(Task to complete) Leaving out the pictures, transcribe all of the records faithfully.

== Input data

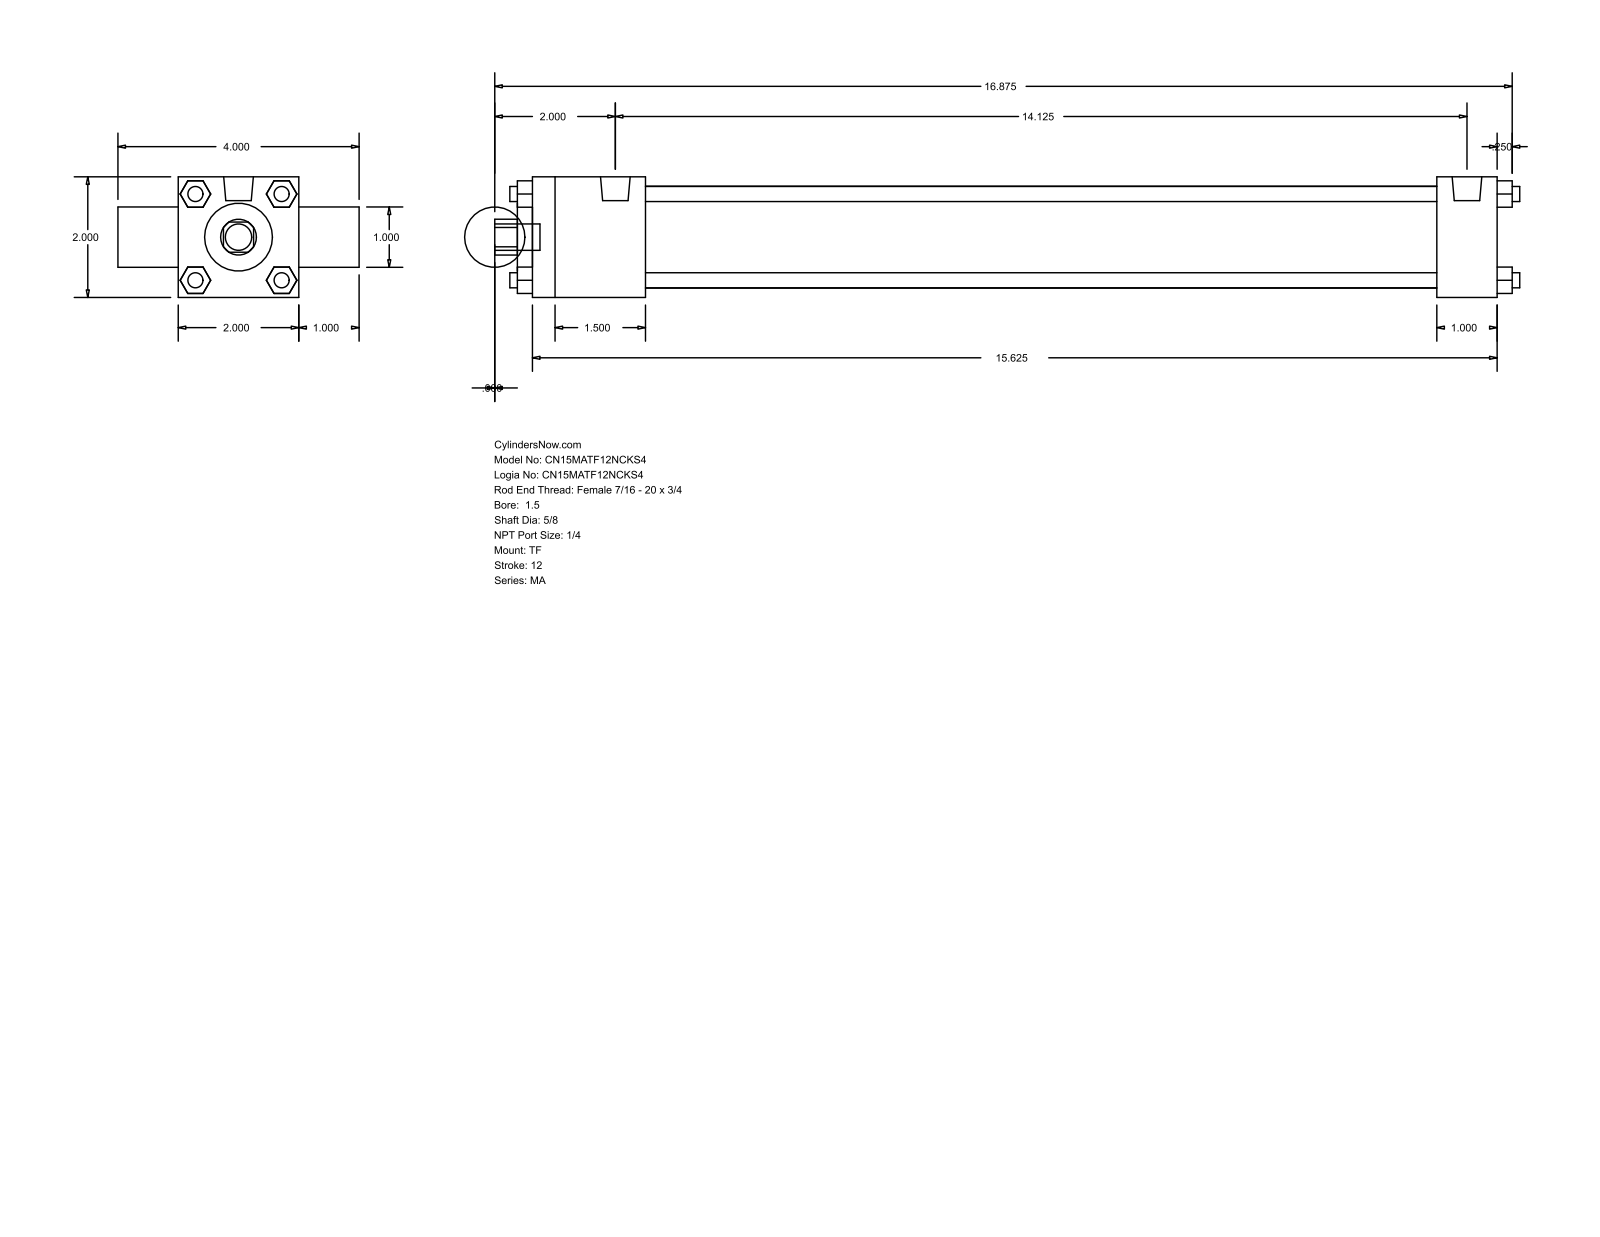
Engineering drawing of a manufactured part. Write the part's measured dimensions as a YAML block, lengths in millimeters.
part_name: "MA_TF__0150_0.625"
step_written_by: "GSSL Pune (CONFIG_CONTROL_DESIGN)"
units: millimeters
bodies: {solids: 0, faces: 120, planar: 92, cylindrical: 28, other: 0}
overall_size: [431.8, 101.6, 50.8]
round_holes:
  - {diameter: 15.88, count: 1}
  - {diameter: 25.4, count: 1}
  - {diameter: 28.57, count: 1}
  - {diameter: 42.93, count: 1}
round_bosses_or_shafts:
  - {diameter: 6.35, count: 4}
  - {diameter: 7.94, count: 3}
  - {diameter: 12.49, count: 2}
  - {diameter: 11.11, count: 1}
partial_cylinders:
  - {radius: 7.54, count: 1}
face_to_face_distances: [50.8, 406.39, 6.35, 412.74, 25.4, 76.2, 47.62, 381, 333.38, 358.77]
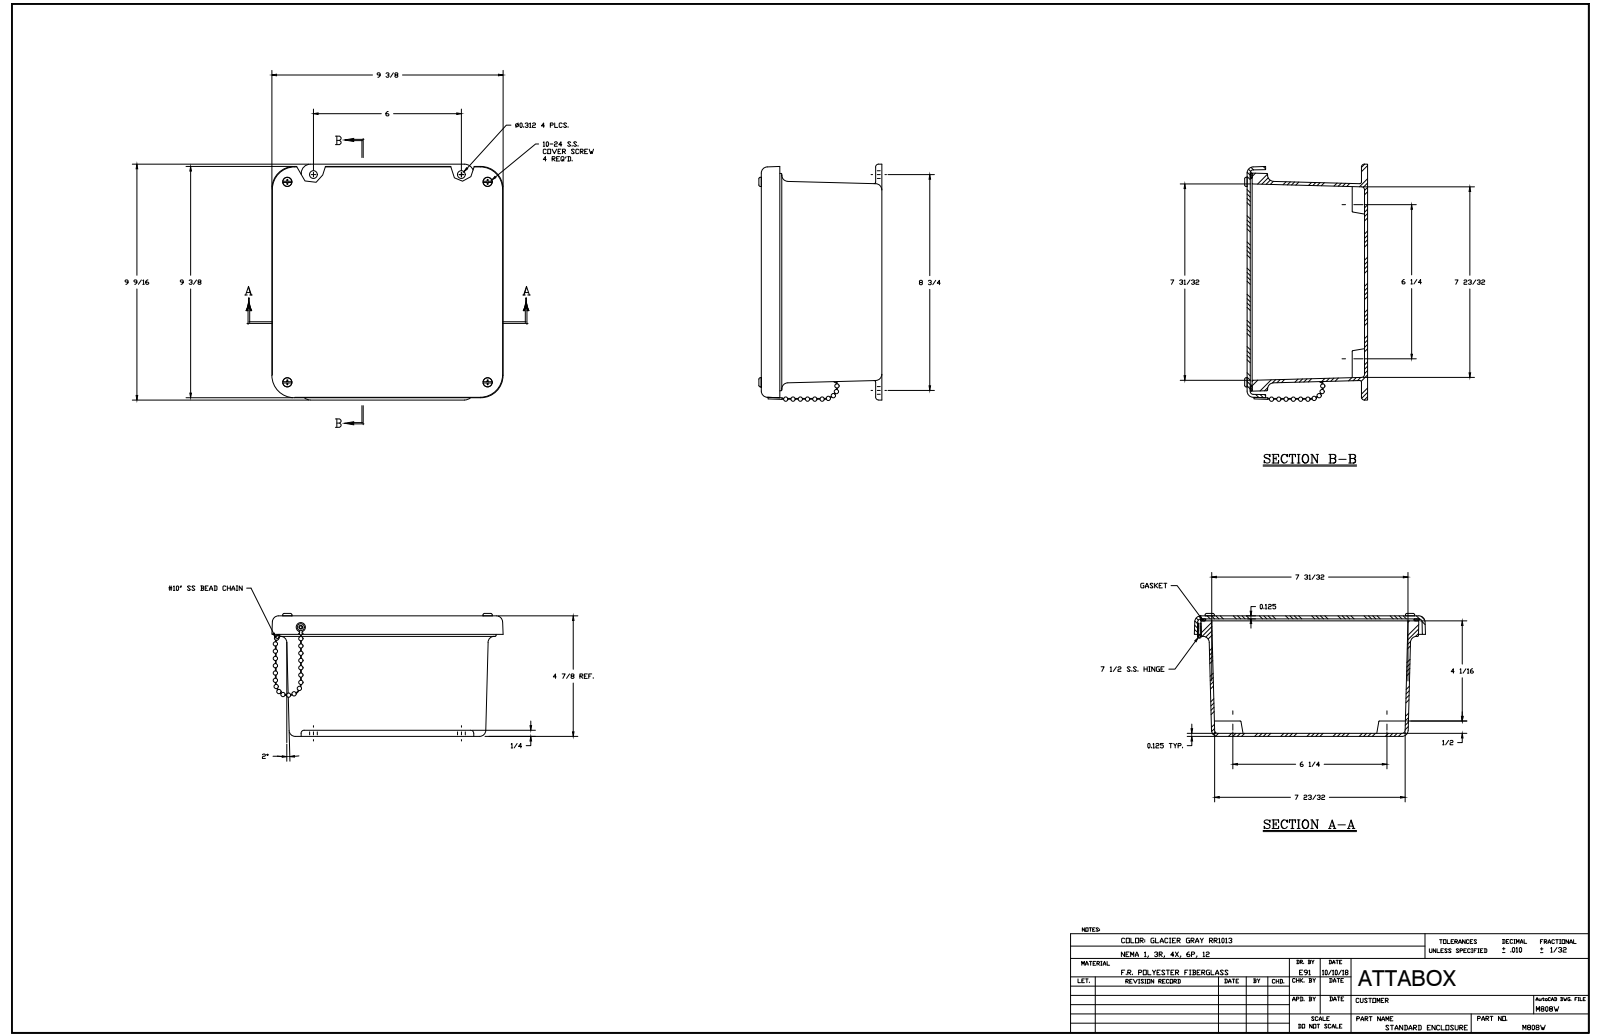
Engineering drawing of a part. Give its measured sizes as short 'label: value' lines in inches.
name: M808W
written by: SolidWorks 2018 (AUTOMOTIVE_DESIGN)
unit: in
bodies: 47 solids, 975 faces (202 planar, 317 cylindrical, 456 other)
size: 10.047 × 9.64 × 5.005
volume: 51.18 in³; area: 717.8 in²
holes: 8× ⌀0.152, 4× ⌀0.14, 4× ⌀0.145, 4× ⌀0.156, 4× ⌀0.218, 2× ⌀0.187, 1× ⌀0.126
bosses: 8× ⌀0.27, 4× ⌀0.19, 4× ⌀0.156, 2× ⌀0.25, 2× ⌀0.125, 1× ⌀0.375, 1× ⌀0.375, 1× ⌀0.283
rounds: 36× R0.031, 12× R0.125, 12× R0.25, 8× R0.2, 4× R0.031, 4× R0.375, 2× R0.01, 2× R0.063
face distances: 0.125, 4.749, 4.874, 4.624, 0.125, 4.749, 0.189, 0.064, 4.685, 4.56
hole spacings: 7.249, 1.326, 6.25, 8.125, 10.165, 8.839, 11.491, 3
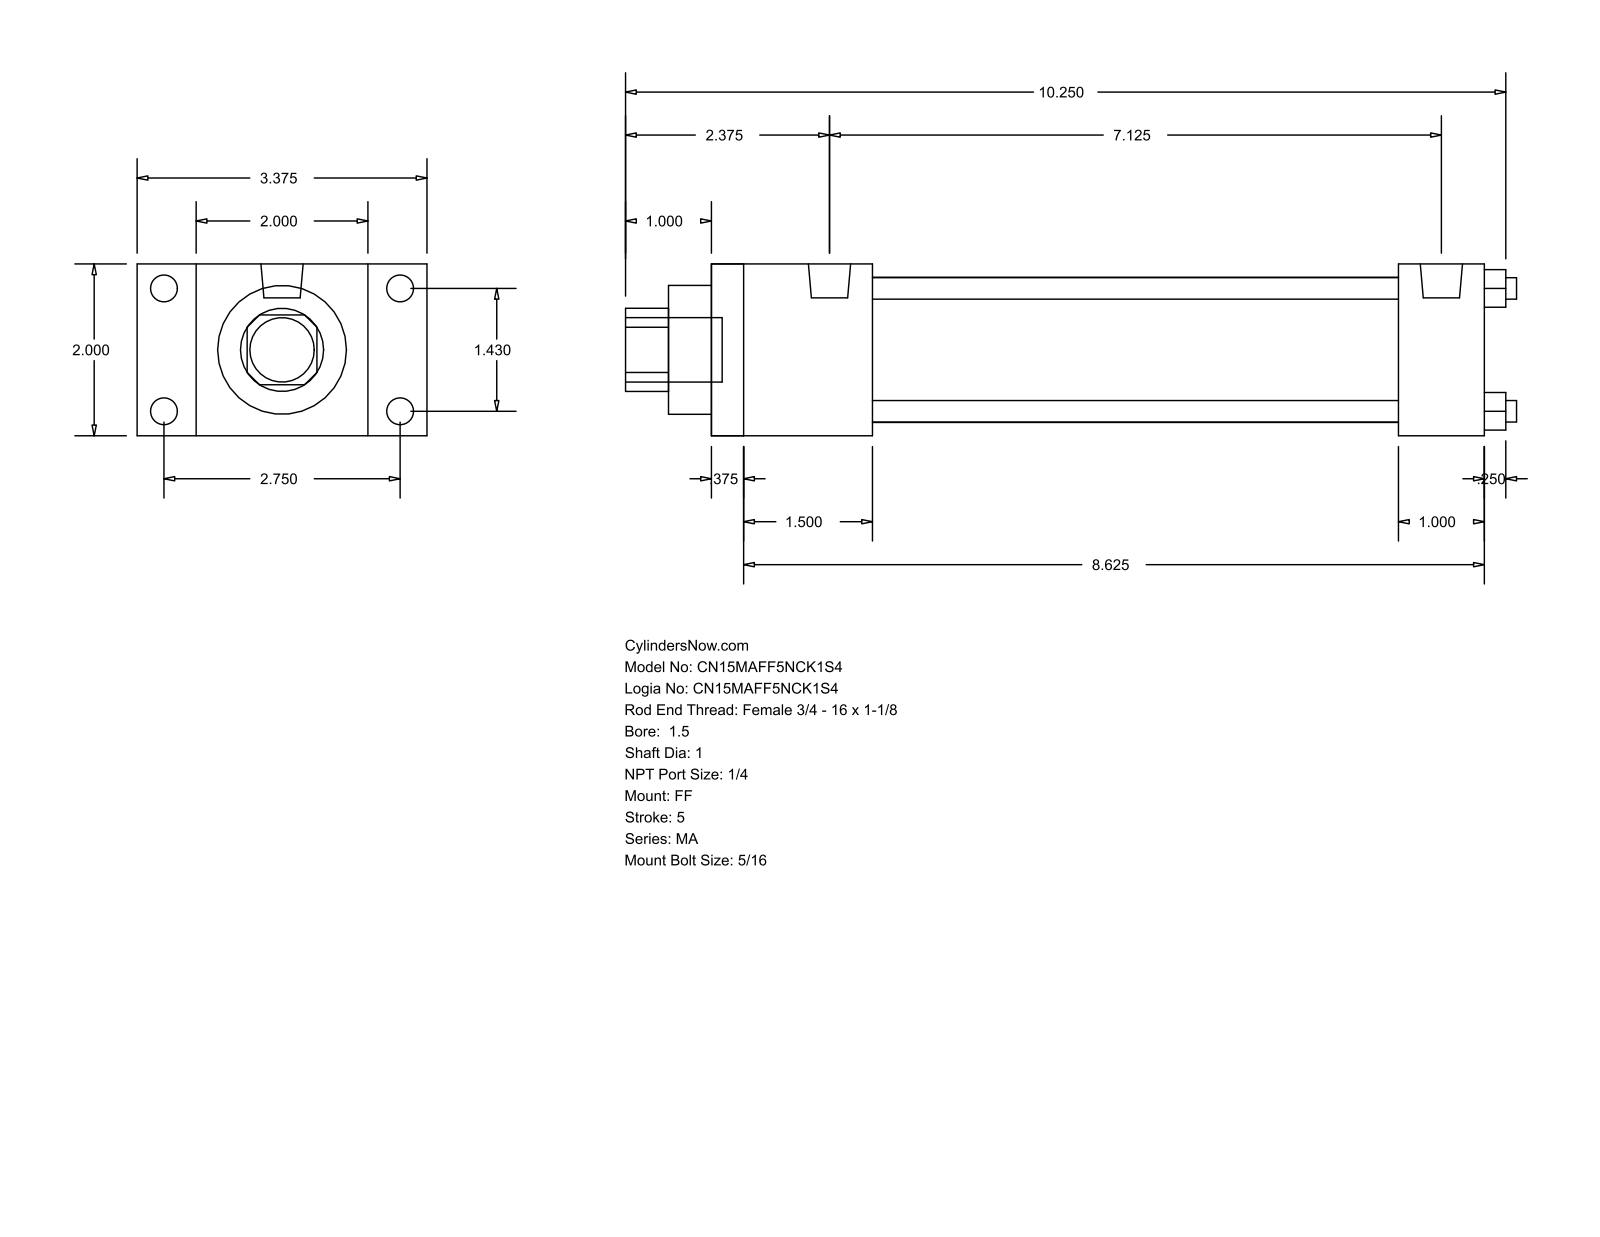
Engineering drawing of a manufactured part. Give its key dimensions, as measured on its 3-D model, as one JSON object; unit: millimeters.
{"part_name": "MA_FF__0150_1", "step_written_by": "GSSL Pune (CONFIG_CONTROL_DESIGN)", "units": "millimeters", "bodies": {"solids": 0, "faces": 92, "planar": 64, "cylindrical": 28, "other": 0}, "overall_size": [263.52, 85.72, 50.8], "round_holes": [[6.35, 4], [25.4, 1], [38.1, 1], [42.93, 1]], "round_bosses_or_shafts": [[7.94, 8], [12.49, 2], [19.05, 1]], "partial_cylinders_radius": [[12.29, 1]], "face_to_face_distances": [50.8, 228.6, 9.52, 219.08, 25.4, 47.63, 203.2, 38.11, 193.68, 155.57], "hole_center_spacings": [25.68, 36.32, 51.36]}
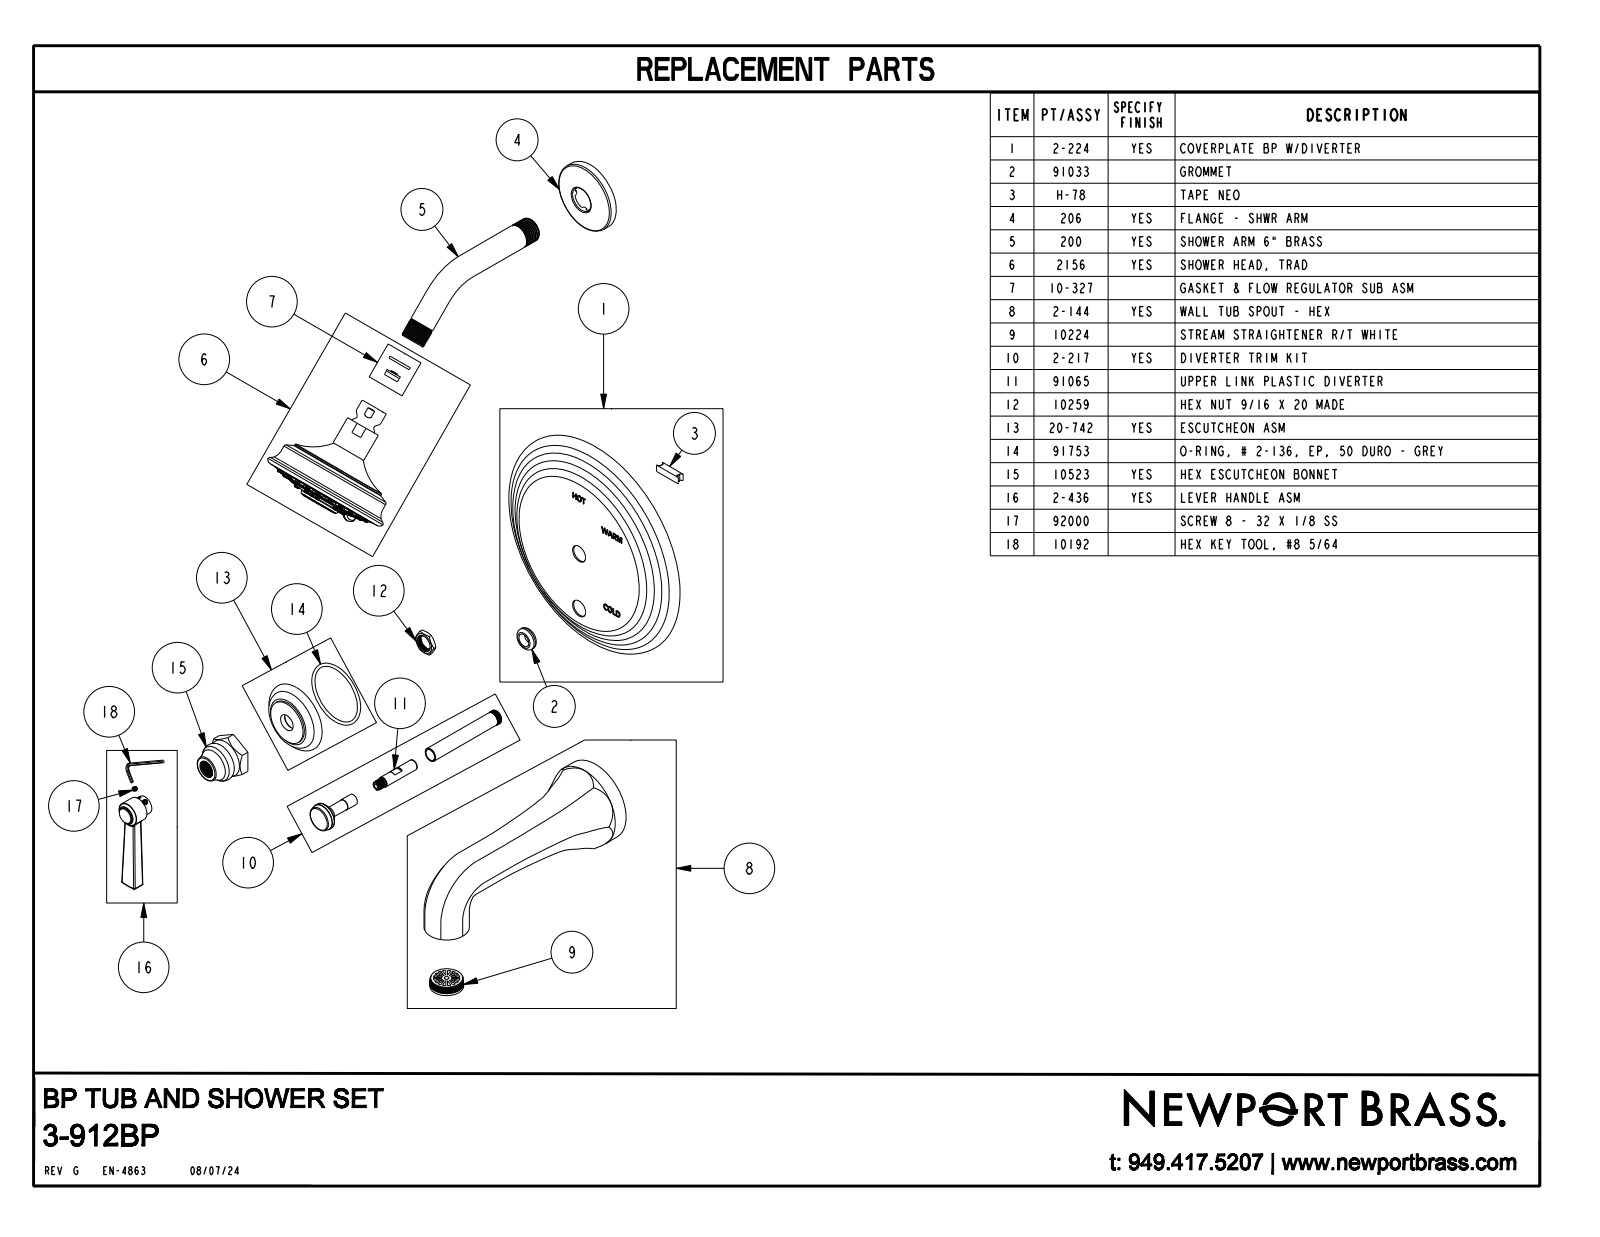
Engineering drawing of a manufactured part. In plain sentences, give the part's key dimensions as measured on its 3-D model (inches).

====

(Result for this task)
Engineering drawing of a manufactured part. Write the part's measured dimensions as a YAML block, lengths in millimeters.
part_name: "MA_TF__0150_0.625"
step_written_by: "GSSL Pune (CONFIG_CONTROL_DESIGN)"
units: millimeters
bodies: {solids: 0, faces: 120, planar: 92, cylindrical: 28, other: 0}
overall_size: [431.8, 101.6, 50.8]
round_holes:
  - {diameter: 15.88, count: 1}
  - {diameter: 25.4, count: 1}
  - {diameter: 28.57, count: 1}
  - {diameter: 42.93, count: 1}
round_bosses_or_shafts:
  - {diameter: 6.35, count: 4}
  - {diameter: 7.94, count: 3}
  - {diameter: 12.49, count: 2}
  - {diameter: 11.11, count: 1}
partial_cylinders:
  - {radius: 7.54, count: 1}
face_to_face_distances: [50.8, 406.39, 6.35, 412.74, 25.4, 76.2, 47.62, 381, 333.38, 358.77]
Engineering drawing of a part. Give its measured sizes as short 'label: value' lines in inches.
name: M808W
written by: SolidWorks 2018 (AUTOMOTIVE_DESIGN)
unit: in
bodies: 47 solids, 975 faces (202 planar, 317 cylindrical, 456 other)
size: 10.047 × 9.64 × 5.005
volume: 51.18 in³; area: 717.8 in²
holes: 8× ⌀0.152, 4× ⌀0.14, 4× ⌀0.145, 4× ⌀0.156, 4× ⌀0.218, 2× ⌀0.187, 1× ⌀0.126
bosses: 8× ⌀0.27, 4× ⌀0.19, 4× ⌀0.156, 2× ⌀0.25, 2× ⌀0.125, 1× ⌀0.375, 1× ⌀0.375, 1× ⌀0.283
rounds: 36× R0.031, 12× R0.125, 12× R0.25, 8× R0.2, 4× R0.031, 4× R0.375, 2× R0.01, 2× R0.063
face distances: 0.125, 4.749, 4.874, 4.624, 0.125, 4.749, 0.189, 0.064, 4.685, 4.56
hole spacings: 7.249, 1.326, 6.25, 8.125, 10.165, 8.839, 11.491, 3
Engineering drawing of a manufactured part. Give its key dimensions, as measured on its 3-D model, as one JSON object; unit: millimeters.
{"part_name": "MA_FF__0150_1", "step_written_by": "GSSL Pune (CONFIG_CONTROL_DESIGN)", "units": "millimeters", "bodies": {"solids": 0, "faces": 92, "planar": 64, "cylindrical": 28, "other": 0}, "overall_size": [263.52, 85.72, 50.8], "round_holes": [[6.35, 4], [25.4, 1], [38.1, 1], [42.93, 1]], "round_bosses_or_shafts": [[7.94, 8], [12.49, 2], [19.05, 1]], "partial_cylinders_radius": [[12.29, 1]], "face_to_face_distances": [50.8, 228.6, 9.52, 219.08, 25.4, 47.63, 203.2, 38.11, 193.68, 155.57], "hole_center_spacings": [25.68, 36.32, 51.36]}
Engineering drawing of a manufactured part. In plain sentences, give the part's key dimensions as measured on its 3-D model (inches).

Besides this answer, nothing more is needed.